Act now on global debt or a severe economic crisis will follow, warns IMF

6 Oct 16

The world’s “unprecedented” and “unsustainable” $152tn debt mountain must be urgently tackled before it triggers another, deeper global economic crisis, the International Monetary Fund has stressed.


In its biannual fiscal monitor, published yesterday, the fund warned that the world’s debt stock was more than twice (225%) its GDP and rising. It called on governments to act immediately.

Two thirds of the world’s debt is private, explained Vitor Gaspar, director of the fund’s fiscal affairs department, which tends to lead to financial crisis and recession, as occurred in the economically devastating crash of 2007-08 driven by reckless borrowing.

“Financial recessions are longer and deeper than normal recessions.
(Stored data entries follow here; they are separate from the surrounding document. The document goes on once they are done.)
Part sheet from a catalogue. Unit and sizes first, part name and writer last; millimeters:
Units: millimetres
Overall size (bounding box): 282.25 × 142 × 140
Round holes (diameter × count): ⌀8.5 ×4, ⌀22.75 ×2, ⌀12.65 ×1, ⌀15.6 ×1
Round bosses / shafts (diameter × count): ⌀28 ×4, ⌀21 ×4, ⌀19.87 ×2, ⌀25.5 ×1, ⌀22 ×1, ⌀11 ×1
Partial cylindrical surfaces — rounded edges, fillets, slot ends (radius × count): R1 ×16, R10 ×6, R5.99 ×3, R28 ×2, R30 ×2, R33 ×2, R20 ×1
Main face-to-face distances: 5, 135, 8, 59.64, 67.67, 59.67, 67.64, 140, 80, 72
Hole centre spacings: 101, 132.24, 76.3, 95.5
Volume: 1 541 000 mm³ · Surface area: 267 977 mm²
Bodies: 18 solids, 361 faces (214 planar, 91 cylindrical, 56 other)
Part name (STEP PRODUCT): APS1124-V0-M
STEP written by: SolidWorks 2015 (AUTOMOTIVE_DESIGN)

Weak initial financial positions make financial recessions even worse,” he stated.

“It is important to intervene early in the process to make sure that risk to financial stability, financial crisis and financial recession can be prevented. A proactive early intervention tends to pay off.”

In a world still reeling from the legacies of its worst economic crisis since the great recession and characterised by stubbornly weak growth, the need to stabilise the volatile debt levels and avert the potential downward spiral they could initiate is imbued with even greater urgency, the IMF said.
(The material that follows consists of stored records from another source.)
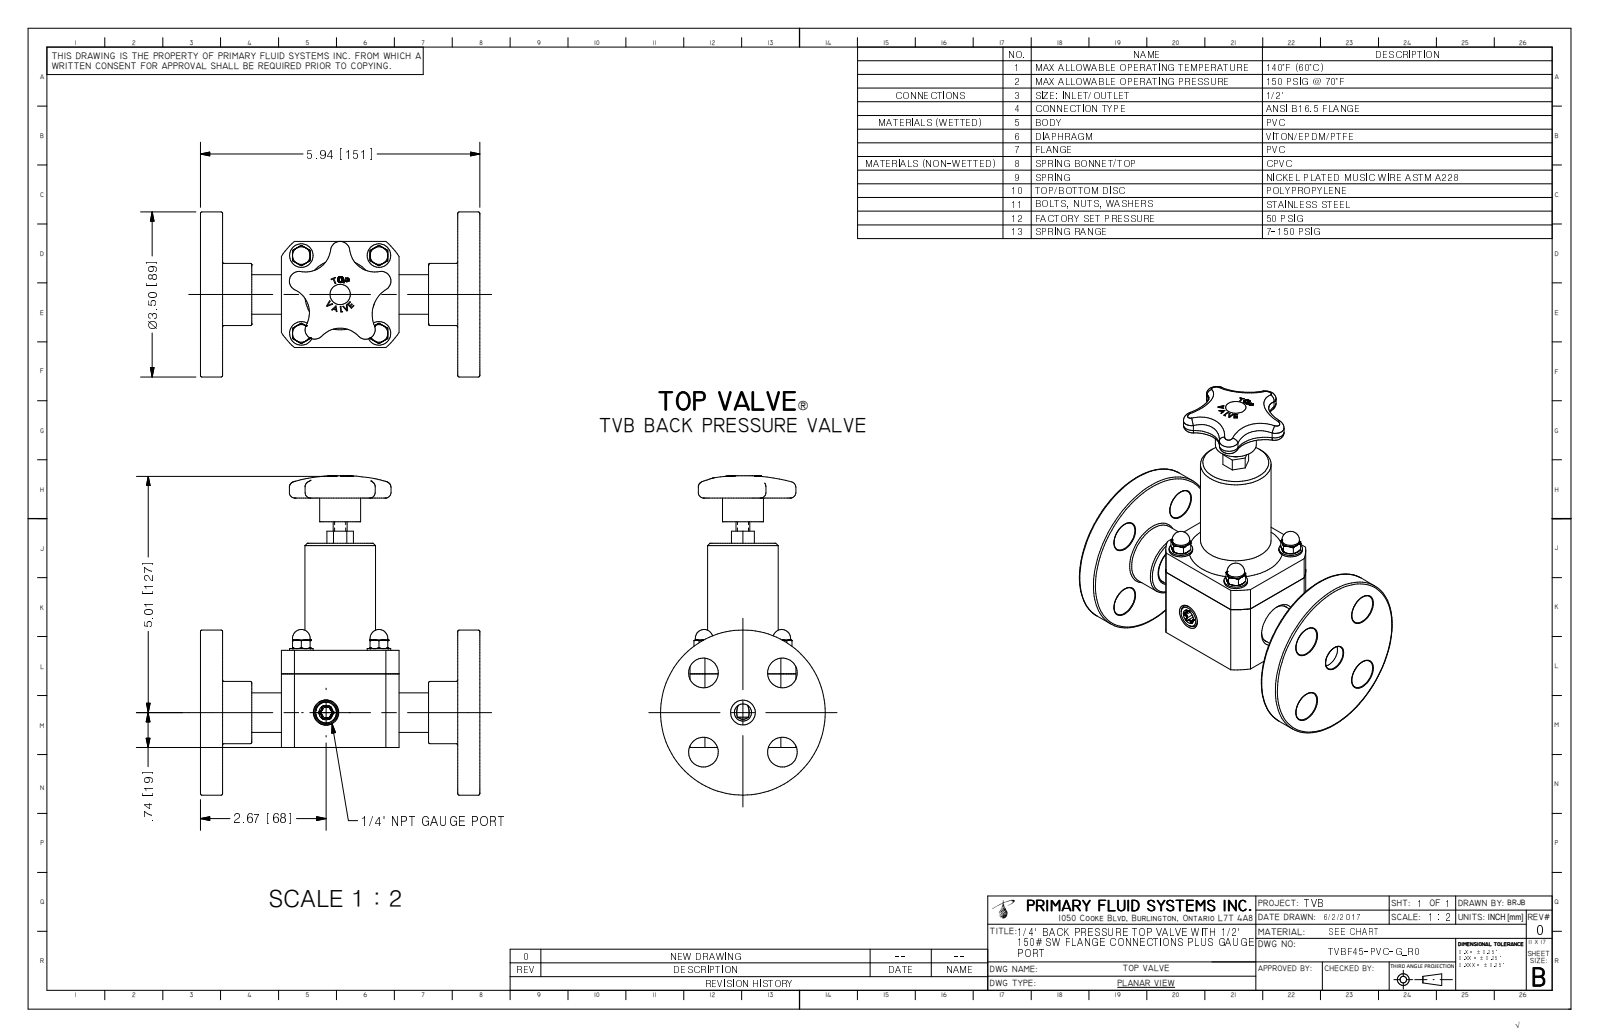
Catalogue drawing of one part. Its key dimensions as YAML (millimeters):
part_name: "TVBF45-PVC-G_R0"
step_written_by: "Autodesk Inventor 2009 (AUTOMOTIVE_DESIGN)"
units: millimeters
bodies: {solids: 1, faces: 415, planar: 156, cylindrical: 63, other: 196}
overall_size: [172, 150.9, 88.9]
volume: 423000
surface_area: 83160
round_holes:
  - {diameter: 3.7, count: 4}
  - {diameter: 16, count: 4}
  - {diameter: 13.4, count: 1}
round_bosses_or_shafts:
  - {diameter: 12.7, count: 4}
  - {diameter: 9.5, count: 4}
  - {diameter: 7.9, count: 4}
  - {diameter: 88.9, count: 1}
  - {diameter: 38.1, count: 1}
  - {diameter: 33.5, count: 1}
  - {diameter: 22.1, count: 1}
  - {diameter: 7.4, count: 1}
partial_cylinders:
  - {radius: 0.7, count: 6}
  - {radius: 2.2, count: 5}
  - {radius: 5.2, count: 5}
  - {radius: 13.6, count: 4}
  - {radius: 16.7, count: 4}
  - {radius: 15.9, count: 1}
  - {radius: 18.9, count: 1}
  - {radius: 37.8, count: 1}
face_to_face_distances: [11.9, 138.9, 150.9, 127, 107.2, 43.7, 31.8, 95.3, 57.2, 63.5]
hole_center_spacings: [41.9, 30.1, 30.2, 42.6, 42.7, 59.3, 60.3]

The monitor stressed that well-designed, tailored fiscal policies could and should be leveraged to reduce the debt burden, even though the majority of it is private.
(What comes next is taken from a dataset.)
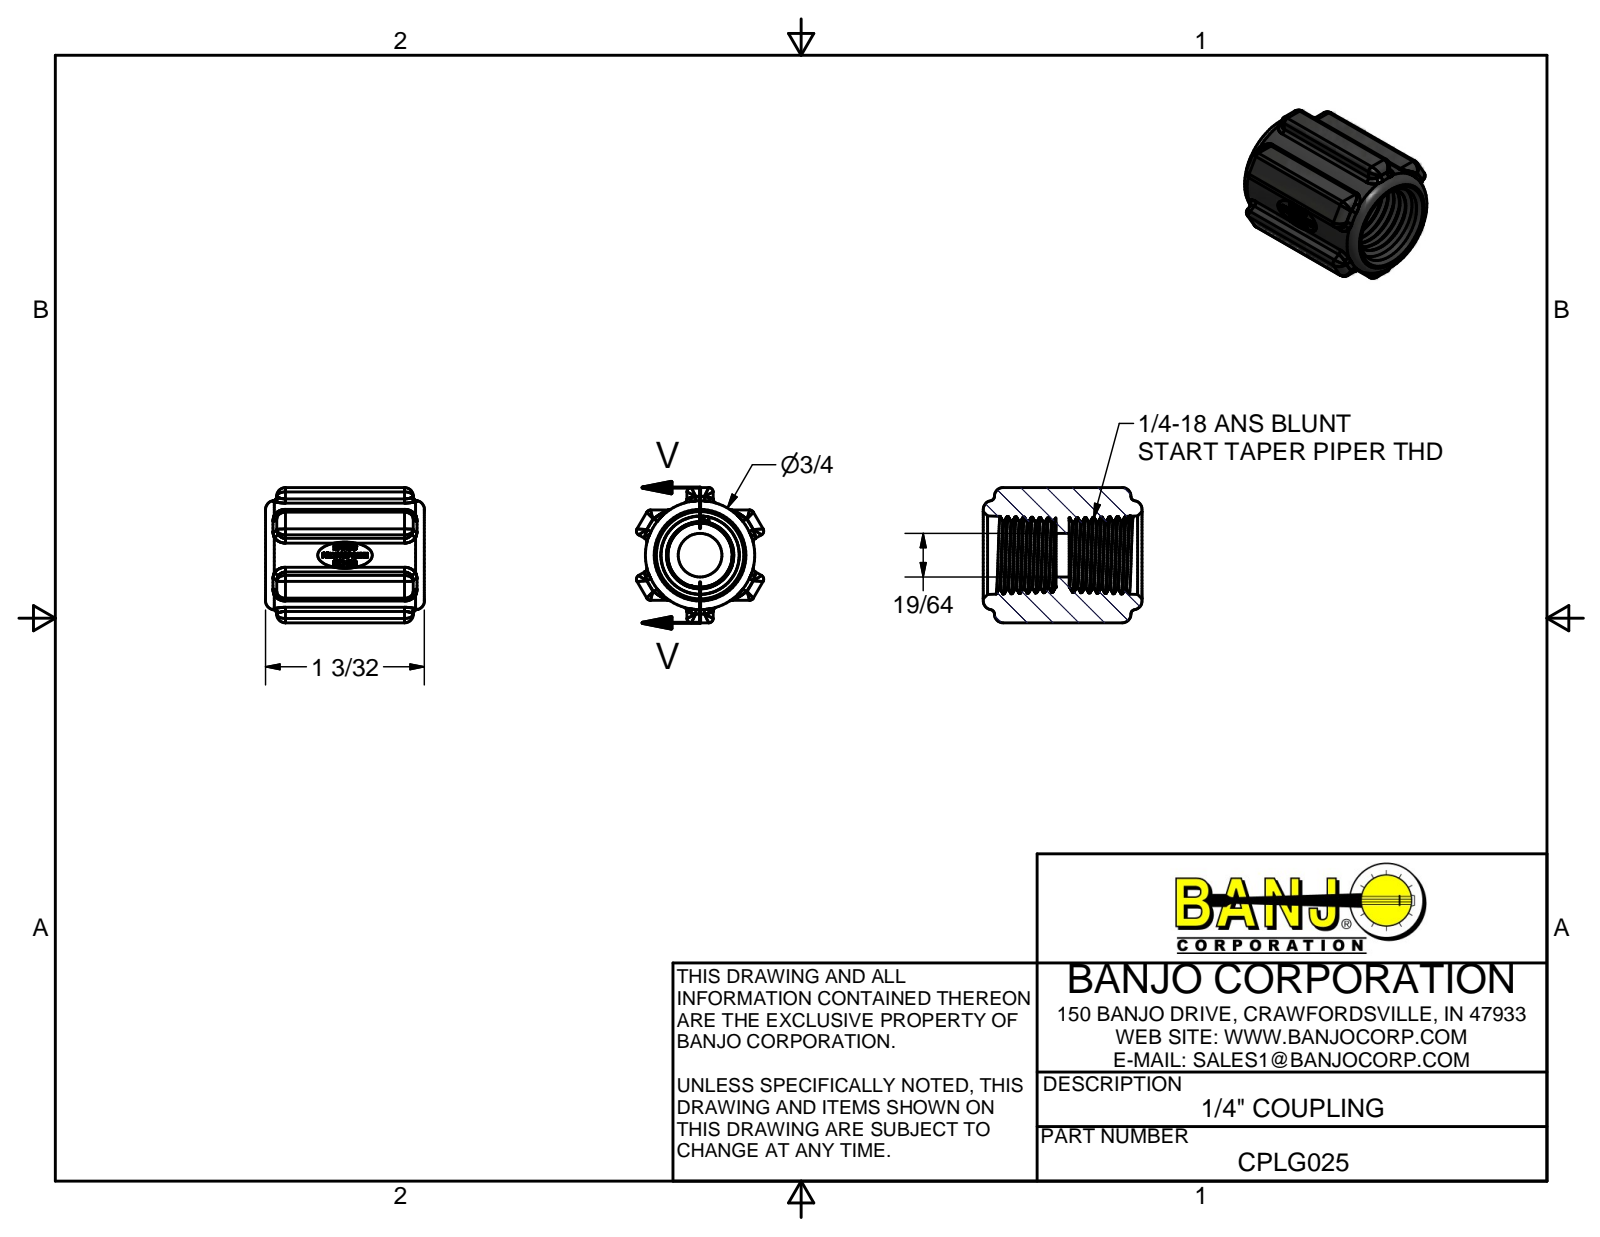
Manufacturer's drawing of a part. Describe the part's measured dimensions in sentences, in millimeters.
The part is named "CPLG025". Its 3-D file was written by "Autodesk Inventor 2014 (AUTOMOTIVE_DESIGN)". It is 1 solid with 572 faces: 195 planar, 105 cylindrical and 272 other. Overall it measures 27.69 by 23.62 by 22.18 millimeters. Its volume is 6 216 cubic millimeters and its surface area 4 270 square millimeters. Round holes: 1 of diameter 7.62. Partial cylindrical surfaces (rounded edges, fillets, slot ends): 28 of radius 1.52, 24 of radius 0.76, 1 of radius 9.27, 1 of radius 9.53. The main face-to-face distances are 23.62, 15.78, 3.92, 19.7, 4.58, 2.28, 12.7, 14.98, 27.68, 13.05.

In China, easy financial conditions have led to a worrying accumulation of private debt that institutions have already warned could plunge the world into a fresh crisis. Gaspar said the government is well aware of the challenges and has “the means to deal with them”, for example by working to repair bank balance sheets.

Interventions would need to be specific to the situation, the monitor said, and could range from bailouts, tax rebates and subsidies to more indirect methods such as bank recapitalisation.

While the world’s private sector debt was the focus of concern, the monitor also warned that high public debt is “not without risks”.

Globally, the combined levels of both public and private debts were unevenly spread, it said, and generally correlated to GDP.

Advanced economies, therefore, held the highest debt stocks, followed by emerging markets, especially some that play a key role in the global economy. Low income nations tended to have the least.

But even here, the United Nations recently voiced concern over a looming sovereign debt crisis as poorer states, crippled by the fall in commodity prices, struggle to repay debts from heavy borrowing taken out in better economic times.

The IMF also released its global financial stability report yesterday, which similarly warned that while in the short-term risks have abated, chronically low growth, prolonged low interest rates and growing political and policy uncertainty look set to undermine the health of financial institutions.

Eric LeCompte, executive director of the Jubilee USA Network, which advocates for an economy that works for the world’s poorest, said the fund was right to be concerned about economic stability.

“The threat to banks is a significant concern. When western financial institutions collapsed in 2008, people lost jobs and too many were pushed into poverty,” he said.

“While there is agreement about the causes of the financial crisis, we’ve failed to agree on solutions.”